[Collection entries]
------------------------------------------------------------
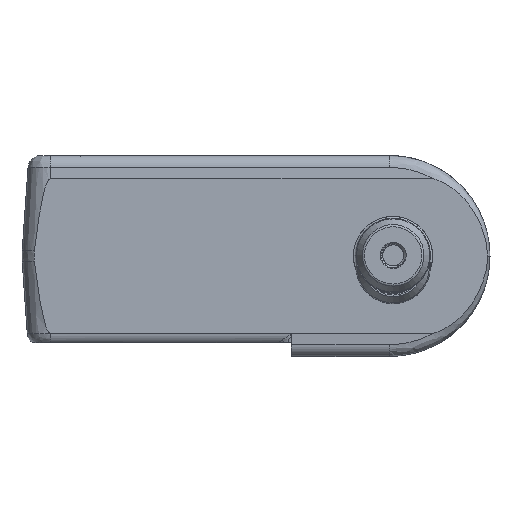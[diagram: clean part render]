
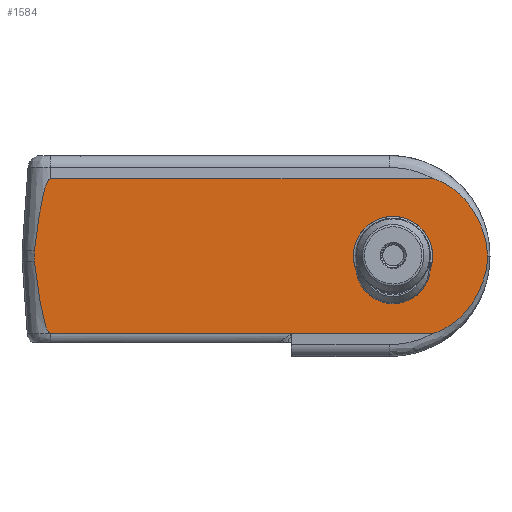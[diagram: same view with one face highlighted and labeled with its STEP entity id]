
A CAD part, front view. The second image highlights one B-rep face of the part: STEP entity #1584.
In plain terms, the highlighted planar face has unit normal (0, -1, 0).
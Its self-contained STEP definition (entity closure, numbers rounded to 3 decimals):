
#1584=ADVANCED_FACE('',(#2730,#2731),#2209,.F.);
#2209=PLANE('',#14375);
#2548=CIRCLE('',#14374,16.);
#2730=FACE_BOUND('',#3220,.T.);
#2731=FACE_BOUND('',#3221,.T.);
#3220=EDGE_LOOP('',(#6303));
#3221=EDGE_LOOP('',(#6304,#6305,#6306,#6307,#6308,#6309,#6310));
#3927=B_SPLINE_CURVE_WITH_KNOTS('',3,(#18784,#18785,#18786,#18787,#18788,
#18789,#18790,#18791,#18792,#18793,#18794,#18795,#18796,#18797),
 .UNSPECIFIED.,.F.,.F.,(4,2,2,2,2,2,4),(0.,0.031,0.062,
0.125,0.25,0.5,1.),.UNSPECIFIED.);
#3954=B_SPLINE_CURVE_WITH_KNOTS('',3,(#19106,#19107,#19108,#19109,#19110,
#19111,#19112,#19113,#19114,#19115,#19116,#19117,#19118,#19119),
 .UNSPECIFIED.,.F.,.F.,(4,2,2,2,2,2,4),(0.,0.5,0.75,0.875,0.938,
0.969,1.),.UNSPECIFIED.);
#4166=B_SPLINE_CURVE_WITH_KNOTS('',3,(#22075,#22076,#22077,#22078,#22079,
#22080,#22081,#22082,#22083,#22084,#22085,#22086,#22087,#22088),
 .UNSPECIFIED.,.F.,.F.,(4,2,2,2,2,2,4),(0.,0.5,0.75,
0.875,0.937,0.969,1.),.UNSPECIFIED.);
#4178=B_SPLINE_CURVE_WITH_KNOTS('',3,(#22252,#22253,#22254,#22255,#22256,
#22257,#22258,#22259,#22260,#22261,#22262,#22263,#22264,#22265),
 .UNSPECIFIED.,.F.,.F.,(4,2,2,2,2,2,4),(0.,0.031,0.062,
0.125,0.25,0.5,1.),.UNSPECIFIED.);
#4192=B_SPLINE_CURVE_WITH_KNOTS('',3,(#22586,#22587,#22588,#22589),
 .UNSPECIFIED.,.F.,.F.,(4,4),(0.,1.),.UNSPECIFIED.);
#6303=ORIENTED_EDGE('',*,*,#10909,.T.);
#6304=ORIENTED_EDGE('',*,*,#10404,.T.);
#6305=ORIENTED_EDGE('',*,*,#10910,.T.);
#6306=ORIENTED_EDGE('',*,*,#10844,.T.);
#6307=ORIENTED_EDGE('',*,*,#10836,.T.);
#6308=ORIENTED_EDGE('',*,*,#10872,.T.);
#6309=ORIENTED_EDGE('',*,*,#10440,.T.);
#6310=ORIENTED_EDGE('',*,*,#10361,.T.);
#9051=VERTEX_POINT('',#18685);
#9052=VERTEX_POINT('',#18686);
#9091=VERTEX_POINT('',#18783);
#9120=VERTEX_POINT('',#19120);
#9320=VERTEX_POINT('',#22048);
#9321=VERTEX_POINT('',#22049);
#9325=VERTEX_POINT('',#22089);
#9355=VERTEX_POINT('',#22585);
#10361=EDGE_CURVE('',#9051,#9052,#12213,.T.);
#10404=EDGE_CURVE('',#9052,#9091,#3927,.T.);
#10440=EDGE_CURVE('',#9120,#9051,#3954,.T.);
#10836=EDGE_CURVE('',#9320,#9321,#12390,.T.);
#10844=EDGE_CURVE('',#9325,#9320,#4166,.T.);
#10872=EDGE_CURVE('',#9321,#9120,#4178,.T.);
#10909=EDGE_CURVE('',#9355,#9355,#2548,.T.);
#10910=EDGE_CURVE('',#9091,#9325,#4192,.T.);
#12213=LINE('',#18684,#13072);
#12390=LINE('',#22047,#13301);
#13072=VECTOR('',#15053,1.);
#13301=VECTOR('',#15764,1.);
#14374=AXIS2_PLACEMENT_3D('',#22584,#15875,#15876);
#14375=AXIS2_PLACEMENT_3D('',#22590,#15877,#15878);
#15053=DIRECTION('',(-1.,0.,0.));
#15764=DIRECTION('',(1.,0.,0.));
#15875=DIRECTION('',(0.,1.,0.));
#15876=DIRECTION('',(1.,0.,0.));
#15877=DIRECTION('',(0.,1.,0.));
#15878=DIRECTION('',(0.,0.,1.));
#18684=CARTESIAN_POINT('',(10.907,-128.598,30.043));
#18685=CARTESIAN_POINT('',(165.193,-128.598,30.043));
#18686=CARTESIAN_POINT('',(10.907,-128.598,30.043));
#18783=CARTESIAN_POINT('',(4.424,-128.598,1.083));
#18784=CARTESIAN_POINT('',(10.907,-128.598,30.043));
#18785=CARTESIAN_POINT('',(10.586,-128.598,30.043));
#18786=CARTESIAN_POINT('',(10.312,-128.598,29.804));
#18787=CARTESIAN_POINT('',(9.904,-128.598,29.309));
#18788=CARTESIAN_POINT('',(9.743,-128.598,29.028));
#18789=CARTESIAN_POINT('',(9.311,-128.598,28.173));
#18790=CARTESIAN_POINT('',(9.088,-128.598,27.568));
#18791=CARTESIAN_POINT('',(8.488,-128.598,25.76));
#18792=CARTESIAN_POINT('',(8.182,-128.598,24.541));
#18793=CARTESIAN_POINT('',(7.343,-128.598,20.873));
#18794=CARTESIAN_POINT('',(6.903,-128.598,18.41));
#18795=CARTESIAN_POINT('',(5.688,-128.598,11.006));
#18796=CARTESIAN_POINT('',(5.034,-128.598,6.048));
#18797=CARTESIAN_POINT('',(4.424,-128.598,1.083));
#19106=CARTESIAN_POINT('',(187.097,-128.598,-1.01));
#19107=CARTESIAN_POINT('',(186.802,-128.598,5.754));
#19108=CARTESIAN_POINT('',(184.673,-128.598,12.351));
#19109=CARTESIAN_POINT('',(178.964,-128.598,20.762));
#19110=CARTESIAN_POINT('',(176.72,-128.598,23.238));
#19111=CARTESIAN_POINT('',(172.797,-128.598,26.419));
#19112=CARTESIAN_POINT('',(171.391,-128.598,27.39));
#19113=CARTESIAN_POINT('',(169.174,-128.598,28.634));
#19114=CARTESIAN_POINT('',(168.412,-128.598,29.016));
#19115=CARTESIAN_POINT('',(167.24,-128.598,29.509));
#19116=CARTESIAN_POINT('',(166.844,-128.598,29.66));
#19117=CARTESIAN_POINT('',(166.034,-128.598,29.916));
#19118=CARTESIAN_POINT('',(165.622,-128.598,30.042));
#19119=CARTESIAN_POINT('',(165.193,-128.598,30.043));
#19120=CARTESIAN_POINT('',(187.097,-128.598,-1.01));
#22047=CARTESIAN_POINT('',(10.907,-128.598,-32.063));
#22048=CARTESIAN_POINT('',(10.907,-128.598,-32.063));
#22049=CARTESIAN_POINT('',(165.193,-128.598,-32.063));
#22075=CARTESIAN_POINT('',(4.424,-128.598,-3.103));
#22076=CARTESIAN_POINT('',(5.036,-128.598,-8.084));
#22077=CARTESIAN_POINT('',(5.692,-128.598,-13.06));
#22078=CARTESIAN_POINT('',(6.913,-128.598,-20.485));
#22079=CARTESIAN_POINT('',(7.354,-128.598,-22.954));
#22080=CARTESIAN_POINT('',(8.199,-128.598,-26.629));
#22081=CARTESIAN_POINT('',(8.507,-128.598,-27.847));
#22082=CARTESIAN_POINT('',(9.104,-128.598,-29.631));
#22083=CARTESIAN_POINT('',(9.324,-128.598,-30.223));
#22084=CARTESIAN_POINT('',(9.754,-128.598,-31.067));
#22085=CARTESIAN_POINT('',(9.912,-128.598,-31.339));
#22086=CARTESIAN_POINT('',(10.316,-128.598,-31.828));
#22087=CARTESIAN_POINT('',(10.588,-128.598,-32.063));
#22088=CARTESIAN_POINT('',(10.907,-128.598,-32.063));
#22089=CARTESIAN_POINT('',(4.424,-128.598,-3.103));
#22252=CARTESIAN_POINT('',(165.193,-128.598,-32.063));
#22253=CARTESIAN_POINT('',(165.632,-128.598,-32.062));
#22254=CARTESIAN_POINT('',(166.035,-128.598,-31.935));
#22255=CARTESIAN_POINT('',(166.842,-128.598,-31.68));
#22256=CARTESIAN_POINT('',(167.239,-128.598,-31.529));
#22257=CARTESIAN_POINT('',(168.418,-128.598,-31.034));
#22258=CARTESIAN_POINT('',(169.173,-128.598,-30.654));
#22259=CARTESIAN_POINT('',(171.377,-128.598,-29.419));
#22260=CARTESIAN_POINT('',(172.763,-128.598,-28.464));
#22261=CARTESIAN_POINT('',(176.713,-128.598,-25.267));
#22262=CARTESIAN_POINT('',(178.973,-128.598,-22.768));
#22263=CARTESIAN_POINT('',(184.645,-128.598,-14.413));
#22264=CARTESIAN_POINT('',(186.801,-128.598,-7.779));
#22265=CARTESIAN_POINT('',(187.097,-128.598,-1.01));
#22584=CARTESIAN_POINT('',(148.897,-128.598,-1.01));
#22585=CARTESIAN_POINT('',(164.897,-128.598,-1.01));
#22586=CARTESIAN_POINT('',(4.424,-128.598,1.083));
#22587=CARTESIAN_POINT('',(4.253,-128.598,-0.312));
#22588=CARTESIAN_POINT('',(4.253,-128.598,-1.707));
#22589=CARTESIAN_POINT('',(4.424,-128.598,-3.103));
#22590=CARTESIAN_POINT('',(-1.093,-128.598,49.47));
------------------------------------------------------------
→ **Required work**
Extract from the records above the lines from the one containing "#18791=CARTESIAN_POINT('',(8.488,-128.598,25.76));" to the one containing "#19115=CARTESIAN_POINT('',(167.24,-128.598,29.509));", both lines included, exactly as they appear and with nothing else.

→ **Response area**
#18791=CARTESIAN_POINT('',(8.488,-128.598,25.76));
#18792=CARTESIAN_POINT('',(8.182,-128.598,24.541));
#18793=CARTESIAN_POINT('',(7.343,-128.598,20.873));
#18794=CARTESIAN_POINT('',(6.903,-128.598,18.41));
#18795=CARTESIAN_POINT('',(5.688,-128.598,11.006));
#18796=CARTESIAN_POINT('',(5.034,-128.598,6.048));
#18797=CARTESIAN_POINT('',(4.424,-128.598,1.083));
#19106=CARTESIAN_POINT('',(187.097,-128.598,-1.01));
#19107=CARTESIAN_POINT('',(186.802,-128.598,5.754));
#19108=CARTESIAN_POINT('',(184.673,-128.598,12.351));
#19109=CARTESIAN_POINT('',(178.964,-128.598,20.762));
#19110=CARTESIAN_POINT('',(176.72,-128.598,23.238));
#19111=CARTESIAN_POINT('',(172.797,-128.598,26.419));
#19112=CARTESIAN_POINT('',(171.391,-128.598,27.39));
#19113=CARTESIAN_POINT('',(169.174,-128.598,28.634));
#19114=CARTESIAN_POINT('',(168.412,-128.598,29.016));
#19115=CARTESIAN_POINT('',(167.24,-128.598,29.509));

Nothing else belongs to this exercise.